HPLC for Product Identification and Specific Activity Measurement
(55) Analyte analysis of the above end-point reactions (100 μM guaiacol, syringol, or 3MC, or 200 μM syringol) was performed on an Agilent 1100 LC system (Agilent Technologies) equipped with a G1315B diode array detector (DAD). Each sample and standard was injected at a volume of 10 μL onto a Symmetry C18 column 5 μm, 4.6×150 mm column (Waters). The column temperature was maintained at 30° C. and the buffers used to separate the analytes of interest was 0.01% TFA in water (A)/acetonitrile (B). The separation was carried out using a gradient program of: (A)=99% and (B)=1% at time t=0 min; (A)=99% and (B)=1% at time t=2 min, (A)=50% and (B)=50% at t=8 min; (A)=1% and (B)=99% at t=8.01 min; (A)=99% and (B)=1% at t=10.01 min; (A)=99% and (B)=1% at t=11 min. The flow rate was held constant at 1.5 mL min.sup.−1, resulting in a run time of 11 minutes. DAD wavelengths of 210 and 325 nm were used for analysis of the analytes of interest. Standard curves were generated using 0-500 μM of guaiacol, syringol, 3MC, catechol, and pyrogallol. Integrated intensities vs [standards] were plotted and the resulting standard curves used to quantify the reactants and products.
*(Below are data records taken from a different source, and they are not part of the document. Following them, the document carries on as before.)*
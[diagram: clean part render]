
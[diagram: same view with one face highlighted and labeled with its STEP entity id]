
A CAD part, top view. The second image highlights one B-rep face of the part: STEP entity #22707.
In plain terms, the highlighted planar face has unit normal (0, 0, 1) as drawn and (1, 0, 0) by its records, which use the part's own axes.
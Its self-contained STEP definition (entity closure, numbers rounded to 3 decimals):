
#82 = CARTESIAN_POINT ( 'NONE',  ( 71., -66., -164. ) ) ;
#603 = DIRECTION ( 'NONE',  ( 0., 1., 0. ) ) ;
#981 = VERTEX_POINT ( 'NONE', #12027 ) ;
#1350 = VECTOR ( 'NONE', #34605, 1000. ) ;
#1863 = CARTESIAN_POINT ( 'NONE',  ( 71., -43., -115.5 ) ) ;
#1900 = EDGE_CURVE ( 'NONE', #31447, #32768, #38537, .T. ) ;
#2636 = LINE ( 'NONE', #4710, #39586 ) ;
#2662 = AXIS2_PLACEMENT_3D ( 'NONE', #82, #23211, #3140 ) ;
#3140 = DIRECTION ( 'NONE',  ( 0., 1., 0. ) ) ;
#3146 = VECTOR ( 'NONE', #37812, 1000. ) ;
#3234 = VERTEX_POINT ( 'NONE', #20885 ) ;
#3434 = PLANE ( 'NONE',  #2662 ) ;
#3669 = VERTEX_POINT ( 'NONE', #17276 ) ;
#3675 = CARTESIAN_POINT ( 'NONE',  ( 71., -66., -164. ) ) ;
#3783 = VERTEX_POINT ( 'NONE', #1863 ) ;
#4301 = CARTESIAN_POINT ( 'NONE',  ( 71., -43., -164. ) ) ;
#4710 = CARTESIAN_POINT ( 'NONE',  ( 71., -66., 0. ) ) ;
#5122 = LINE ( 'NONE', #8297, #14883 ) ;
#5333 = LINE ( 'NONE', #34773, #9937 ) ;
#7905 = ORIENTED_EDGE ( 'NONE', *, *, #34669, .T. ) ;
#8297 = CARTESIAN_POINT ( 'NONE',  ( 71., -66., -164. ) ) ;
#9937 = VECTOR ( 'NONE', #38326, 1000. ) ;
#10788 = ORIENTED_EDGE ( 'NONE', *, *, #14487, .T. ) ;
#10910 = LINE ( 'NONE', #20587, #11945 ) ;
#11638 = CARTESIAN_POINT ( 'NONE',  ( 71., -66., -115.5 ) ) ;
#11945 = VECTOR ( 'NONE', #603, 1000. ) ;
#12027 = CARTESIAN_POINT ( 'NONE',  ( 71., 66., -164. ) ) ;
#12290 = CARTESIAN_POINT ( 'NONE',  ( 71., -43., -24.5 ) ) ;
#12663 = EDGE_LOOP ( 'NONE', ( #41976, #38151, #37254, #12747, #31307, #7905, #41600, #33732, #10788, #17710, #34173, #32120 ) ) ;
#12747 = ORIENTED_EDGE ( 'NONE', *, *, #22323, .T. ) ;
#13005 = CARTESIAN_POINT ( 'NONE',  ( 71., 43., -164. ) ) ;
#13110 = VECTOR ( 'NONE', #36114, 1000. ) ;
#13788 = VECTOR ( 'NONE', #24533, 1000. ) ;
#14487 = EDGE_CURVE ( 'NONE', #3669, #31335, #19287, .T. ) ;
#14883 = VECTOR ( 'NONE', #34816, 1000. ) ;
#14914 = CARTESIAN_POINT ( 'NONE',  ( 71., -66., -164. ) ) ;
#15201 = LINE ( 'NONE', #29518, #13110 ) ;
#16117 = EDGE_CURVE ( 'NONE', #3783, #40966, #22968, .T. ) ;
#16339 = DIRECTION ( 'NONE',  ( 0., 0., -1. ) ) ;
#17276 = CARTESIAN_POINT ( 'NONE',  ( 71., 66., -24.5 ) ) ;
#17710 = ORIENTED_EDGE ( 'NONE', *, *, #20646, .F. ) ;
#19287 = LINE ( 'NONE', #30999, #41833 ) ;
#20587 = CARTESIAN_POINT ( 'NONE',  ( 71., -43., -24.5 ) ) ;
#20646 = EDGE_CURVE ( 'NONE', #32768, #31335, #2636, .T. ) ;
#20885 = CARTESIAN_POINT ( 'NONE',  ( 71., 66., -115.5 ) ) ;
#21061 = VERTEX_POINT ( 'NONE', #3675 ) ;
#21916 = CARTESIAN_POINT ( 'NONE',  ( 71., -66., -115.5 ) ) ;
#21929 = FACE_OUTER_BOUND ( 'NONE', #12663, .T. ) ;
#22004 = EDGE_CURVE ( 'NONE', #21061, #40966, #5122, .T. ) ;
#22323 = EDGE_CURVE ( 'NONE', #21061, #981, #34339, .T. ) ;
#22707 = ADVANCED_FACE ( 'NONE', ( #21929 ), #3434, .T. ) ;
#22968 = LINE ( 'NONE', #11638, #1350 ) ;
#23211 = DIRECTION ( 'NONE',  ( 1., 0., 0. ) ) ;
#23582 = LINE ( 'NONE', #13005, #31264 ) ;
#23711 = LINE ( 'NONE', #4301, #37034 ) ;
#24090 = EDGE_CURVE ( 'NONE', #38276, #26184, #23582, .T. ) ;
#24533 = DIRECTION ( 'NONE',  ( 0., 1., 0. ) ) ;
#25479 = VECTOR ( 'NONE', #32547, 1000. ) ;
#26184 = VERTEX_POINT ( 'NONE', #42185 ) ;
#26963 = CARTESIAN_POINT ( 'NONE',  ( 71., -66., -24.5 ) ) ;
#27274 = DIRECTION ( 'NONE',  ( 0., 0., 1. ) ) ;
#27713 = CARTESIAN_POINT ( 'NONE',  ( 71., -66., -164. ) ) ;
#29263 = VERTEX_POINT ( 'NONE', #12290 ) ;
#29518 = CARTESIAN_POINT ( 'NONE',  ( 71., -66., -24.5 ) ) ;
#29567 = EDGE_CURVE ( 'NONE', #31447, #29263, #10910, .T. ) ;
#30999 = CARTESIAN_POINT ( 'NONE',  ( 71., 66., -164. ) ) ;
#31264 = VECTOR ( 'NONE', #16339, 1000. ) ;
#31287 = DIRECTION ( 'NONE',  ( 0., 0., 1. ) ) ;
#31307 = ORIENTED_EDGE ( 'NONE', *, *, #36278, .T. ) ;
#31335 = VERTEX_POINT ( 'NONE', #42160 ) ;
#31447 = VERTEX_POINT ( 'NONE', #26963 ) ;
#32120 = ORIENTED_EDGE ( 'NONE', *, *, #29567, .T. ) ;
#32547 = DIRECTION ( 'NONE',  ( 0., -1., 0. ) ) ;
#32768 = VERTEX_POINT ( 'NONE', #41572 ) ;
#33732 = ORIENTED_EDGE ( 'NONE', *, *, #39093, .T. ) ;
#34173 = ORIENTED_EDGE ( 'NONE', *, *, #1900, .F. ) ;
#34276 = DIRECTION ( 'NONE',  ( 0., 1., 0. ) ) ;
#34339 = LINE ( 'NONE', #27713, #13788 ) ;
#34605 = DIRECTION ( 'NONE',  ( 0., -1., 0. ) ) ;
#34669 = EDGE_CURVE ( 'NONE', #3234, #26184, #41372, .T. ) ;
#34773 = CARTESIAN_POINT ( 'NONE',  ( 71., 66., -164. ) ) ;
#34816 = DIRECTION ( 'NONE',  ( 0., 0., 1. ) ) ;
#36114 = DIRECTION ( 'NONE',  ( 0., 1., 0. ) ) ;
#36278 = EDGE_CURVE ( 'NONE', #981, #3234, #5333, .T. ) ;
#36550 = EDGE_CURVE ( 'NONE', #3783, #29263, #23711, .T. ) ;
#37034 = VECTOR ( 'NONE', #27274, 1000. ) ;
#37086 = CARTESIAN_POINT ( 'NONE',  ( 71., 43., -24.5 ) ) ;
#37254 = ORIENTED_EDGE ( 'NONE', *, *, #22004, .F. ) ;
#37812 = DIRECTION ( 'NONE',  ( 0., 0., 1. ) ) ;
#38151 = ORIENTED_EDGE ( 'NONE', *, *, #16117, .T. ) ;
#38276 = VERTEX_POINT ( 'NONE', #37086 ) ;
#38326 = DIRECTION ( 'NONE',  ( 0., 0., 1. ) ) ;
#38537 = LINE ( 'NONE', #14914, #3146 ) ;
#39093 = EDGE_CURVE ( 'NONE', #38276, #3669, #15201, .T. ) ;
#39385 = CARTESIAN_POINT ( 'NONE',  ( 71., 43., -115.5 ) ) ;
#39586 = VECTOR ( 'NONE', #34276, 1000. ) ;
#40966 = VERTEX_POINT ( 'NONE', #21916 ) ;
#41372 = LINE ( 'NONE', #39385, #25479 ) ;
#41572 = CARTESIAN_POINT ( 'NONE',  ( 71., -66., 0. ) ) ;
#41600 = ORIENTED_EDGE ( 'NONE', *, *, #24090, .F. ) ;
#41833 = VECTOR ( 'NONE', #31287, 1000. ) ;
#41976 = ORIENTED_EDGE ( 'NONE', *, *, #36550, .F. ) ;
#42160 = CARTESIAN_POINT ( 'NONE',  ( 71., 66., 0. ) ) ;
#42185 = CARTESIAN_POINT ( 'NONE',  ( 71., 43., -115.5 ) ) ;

(56) For specific activity determination, 300 μM guaiacol, syringol, or 3MC were added from 0.1 M DMSO stocks to air saturated buffer (25 mM HEPES, 50 mM NaCl, pH 7.5), with a final volume of 1 mL. The concentration of analyte was measured via the above HPLC method. Then, 0.2 μM F169A/GcoB and 100 μg/mL catalase were added. Upon addition of 300 μM NADH, the timer was started and 50 μL removed every 10 (guaiacol and syringol) or 30 (3MC) seconds. The reaction of each aliquot was immediately quenched with 12.5 μL saturated ammonium sulfate, 7% v/v H.sub.2SO.sub.4 (pH 2.0) prior to loading onto the HPLC column. The concentration of substrate disappearance was referenced to GcoA (0.2 μM) and fit to a linear line to determine specific activity.
Uncoupling Reactions
(57) Detection of H.sub.2O.sub.2 via horseradish peroxidase (HRP) and Amplex Red assay. The reaction between 100 μM guaiacol or 3MC with 0.2 μM F169A/GcoB and 100 μM NADH in air-saturated buffer (25 mM HEPES, 50 mM NaCl, pH 7.5) was monitored continuously in a quartz cuvette, using the NADH consumption assay described above. The same thing was done for syringol, but with either 100 or 200 μM NADH. When there was no longer any change in the spectra, e.g., the reaction was completed, 100 μL was removed from the cuvette and pipetted into a 96-well microplate. A 5 mL solution containing 50 μL of 10 mM Amplex Red (prepared in DMSO and stored at −20° C.) and 100 μL of 10 U/mL HRP was made up in the above buffer. One hundred μL of this was added to each of the wells with each reaction sample. The plate was incubated in the dark at room temperature for 30 min, at which point the absorbance at 572 nm was recorded by a Varioskan Lux microplate reader (Thermo Scientific). The absorbance was compared to a standard curve with 0-100 μM H.sub.2O.sub.2 to quantify the amount of peroxide produced in the reactions.
Crystallography
(58) Purified protein was buffer exchanged into 10 mM HEPES pH 7.5 and concentrated to an A280 value of 12, as measured on a NanoDrop 2000 spectrophotometer (Thermo Fisher). Crystals of GcoA were grown with 2.4 M sodium malonate and 200 mM substrate, dissolved in 40% DMSO where necessary. Crystals were cryocooled directly in liquid N.sub.2 without further addition of cryoprotectants. All data were collected at Diamond Light Source (Harwell, UK). For each crystal, 1800 images were taken at 0.1° increments using the default wavelength of 0.9795 Å on beamline i04. Data was captured on a Pilatus 6M-F detector. All phases were solved by molecular replacement from the original WT GcoA structure in complex with guaiacol with all non-polypeptide components removed. Data were processed, phased, and models were built and refined using Xia2 and the Phenix suite.